Wrapping effect has been proposed as the third important mechanism for GBNs’ antimicrobial activity. The thin and flexible lamellar structure of GBNs enables them to wrap the microbial cell wall, thus becoming an obstacle to the uptake of necessary nutrients from the surrounding environment and eventually inhibiting cell growth or causing cell death [34,50].
In addition, GBNs treatment with a high concentration of GO gradually reduced the ATP level and changed the expression of many genes in R. solanacearum [33]. In addition, the hydrophobicity of GBNs makes it possible to intervene in the hydrophobic interface of interacting proteins, thereby disrupting protein–protein interactions, which may alter the normal metabolic activities of cells and threaten their survival [51]. Interestingly, GBNs have been shown to enhance the effect of photothermal therapy (PTT)-based cancer treatment due to their intrinsic near-infrared (NIR) absorption properties [52]. Although this remarkable effect was obtained under specific NIR light, the contribution of GBNs to enhancing the antibacterial effect by enhancing NIR absorption under natural conditions needs to be studied in more detail [53].

4. The Factors Influencing GBN Antimicrobial Activity

Many factors affect the antimicrobial effect of GBNs. The physicochemical properties of GBNs, which can be described as lateral size, layer number, particle shape, surface modification and dispersion, etc., are dominant factors in determining their antibacterial properties [20,54]. For example, the lateral size of GBNs is proportional to their surface energy, and therefore affects their adsorption [42]. In a certain range, the lateral size of GBNs is positively correlated with their antibacterial activity [25]. GBNs have a lamellar structure composed of a few layers of carbon atoms, and the number of layers obviously greatly affects their thickness, edge morphology, dispersion, and so on. The research from Mangadlao et al. showed that the antibacterial activity of GBNs increased with the increase in lamellar structure [55]. The shape of GBNs largely determines whether they can be easily inserted into cell membranes, and is therefore an important factor in determining their antimicrobial properties. Studies have shown that graphene films with smooth sides have effective bactericidal activity against both P. aeruginosa and S. aureus, whereas rough sides were only effective in killing P. aeruginosa [56]. Primitive graphene tends to agglomerate. In order to increase solubility, different functional groups (e.g., hydroxyl, carboxyl, amino, etc.) are often modified on the edges or inside of graphene [57]. It was experimentally identified that the antibacterial activity of the bacterially reduced GO (BRGO) was distinct from unmodified GO sheets on the activity of E coli. [58]. The aggregation conditions of many nanoparticles, such as carbon nanotubes and fullerene, could significantly influence their antibacterial activity [59,60]. According to the report by Liu et al., GO, which has a smaller size and better dispersion than rGO, exhibits stronger antibacterial properties than rGO [27].
The antimicrobial properties of GBNs greatly vary among different microbial species.

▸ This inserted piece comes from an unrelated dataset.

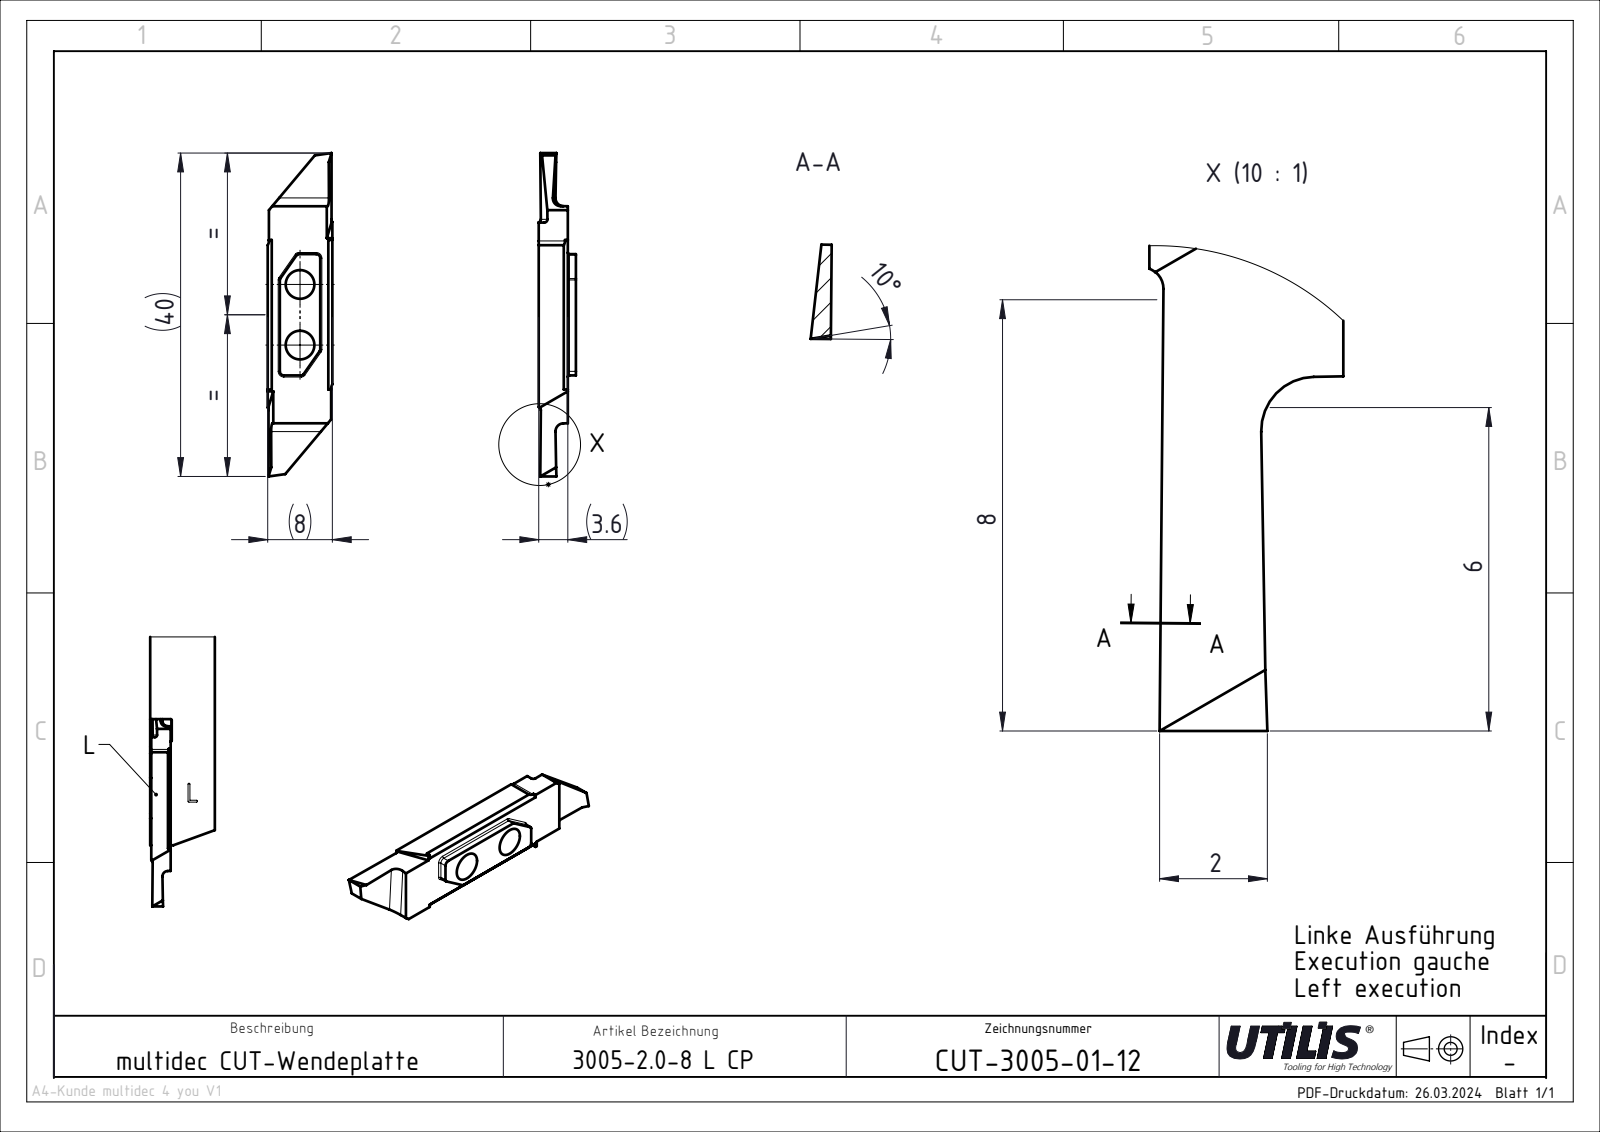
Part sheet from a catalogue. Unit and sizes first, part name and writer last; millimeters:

For instance, Gram-positive bacteria (e.g., S. aureus and E. faecalis), which have a thicker peptidoglycan layer, were more sensitive to GBNs than Gram-negative bacteria (e.g., E. coli and P. aeruginosa) [26,28]. Moreover, the physiological state of the microorganism was considered as a key modulator of the GBNs’ antimicrobial activity. Bacteria at different stages of the growth curve were shown to be sensitive to graphene materials in the following order: exponential ≫ decline > stationary [61].
In addition, similar to the effect of GBNs on plant growth [62], the antibacterial properties of GBNs are also concentration-, time- and experimental surroundings-dependent. As with almost all agents, increasing the treatment time and concentration could increase the chances of GBNs interacting with microorganisms. Moreover, many parameters of the experimental surroundings, such as pH values, electricity, magnetic field, light, and sonication conditions, are also important factors in determining the antibacterial activity of GBNs [42]. Interestingly, both GO/rGO dissolved in water and freestanding graphene-based papers have shown antibacterial effects against E. coli [63], while 25 μg/mL GO added to Luria Bertani (LB) nutrient broth enhances the cell growth of E. coli [64].

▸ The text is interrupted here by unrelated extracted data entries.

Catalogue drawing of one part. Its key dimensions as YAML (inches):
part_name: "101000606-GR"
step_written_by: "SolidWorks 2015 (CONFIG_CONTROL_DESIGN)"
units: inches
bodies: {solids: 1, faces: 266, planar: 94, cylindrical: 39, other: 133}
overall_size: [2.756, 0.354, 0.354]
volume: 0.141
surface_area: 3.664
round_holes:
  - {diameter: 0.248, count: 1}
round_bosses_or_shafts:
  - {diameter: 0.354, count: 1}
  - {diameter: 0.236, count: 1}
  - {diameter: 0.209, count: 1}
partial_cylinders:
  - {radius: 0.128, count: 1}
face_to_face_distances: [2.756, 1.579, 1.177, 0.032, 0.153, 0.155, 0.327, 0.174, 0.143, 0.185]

5. The Effects of GBNs on Soil Microbial Communities

In order to simplify the research, most current research on the interaction between GBNs and microorganisms adopts a single-strain research method under pure culture conditions. However, there are almost no single microbial species in nature, but rather they exist in the form of microbial communities [22]. Compared to the study of the effects of graphene on single microorganisms under pure culture conditions, little is known about the effects of GBNs on microbial communities in soil. We chose the terms “TI = ((graphene and soil and (microbial or fungal or bacterial)))” to cover the literature of this topic in Web of Science™, and identified 22 pertinent publications from 2014 to the time the article was submitted (3 January 2024). We then summarized the relevant literature to describe the effects of GBNs on soil microbial communities in Table 3.
The microbial communities themselves differ greatly in different ecological environments, and the environment also affects the physical and chemical properties of GBNs. In this review, the soil includes urban soil, farmland soil, grassland soil and so on under different climatic and pollution conditions. In addition to the variety of GBNs, exposure times and concentrations in different studies were also varied, giving us the opportunity to understand the short- and long-term effects of different concentrations of GBNs. At present, the research on microbial communities mainly relies on two methods: one is to analyze the total microbial biomass in soil by examining the total organic carbon content in soil, and the other is to analyze the microbial richness and diversity via high-throughput sequencing.
In contrast to the uniform effect of GBNs on a single microorganism species, their effects on soil microbial communities are very diverse. For instance, the total soil microbial biomass may increase [69], decrease [81], or remain unchanged [65,66] after GBNs treatment. In parallel, GBNs treatment can also affect the microbial richness, with the exception of the lowest concentration on day 14. For example, after 7–30 days of treatment, GBNs treatment changed the microbial community structure, but not the alpha diversity [70,71]. Furthermore, the composition of bacterial and fungal communities was significantly altered by GO at all doses [71]. Specially, some bacterial populations, such as those involved in nitrogen biogeochemical cycles and the degradation of organic compounds, showed significant changes after 4 days of graphene treatment [69]. Proteobacteria was the most abundant phylum. Bacillus, Lactococcus, Lysobacter, Flavobacterium, Pedobacter and Massilia were the most abundant genera under graphene and GO treatments [72]. After exposure to GO and rGO, some of the functional groups associated with organic matter degradation and biogeochemical cycling of nitrogen and sulfur decreased, and the functional group associated with aromatic compound degradation increased [73]. Some nitrogen-fixing and dissimilatory iron-reducing bacteria were selectively enriched after pristine graphene oxide treatment, especially at the genus level [76]. Graphene treatment increased the relative abundance of the majority of bacterial phyla (e.g., Proteobacteria and Actinobacteria), and decreased the relative abundance of some phyla (e.g., Verrucomicrobia and Acidobacteria) in Cd-contaminated soil [80].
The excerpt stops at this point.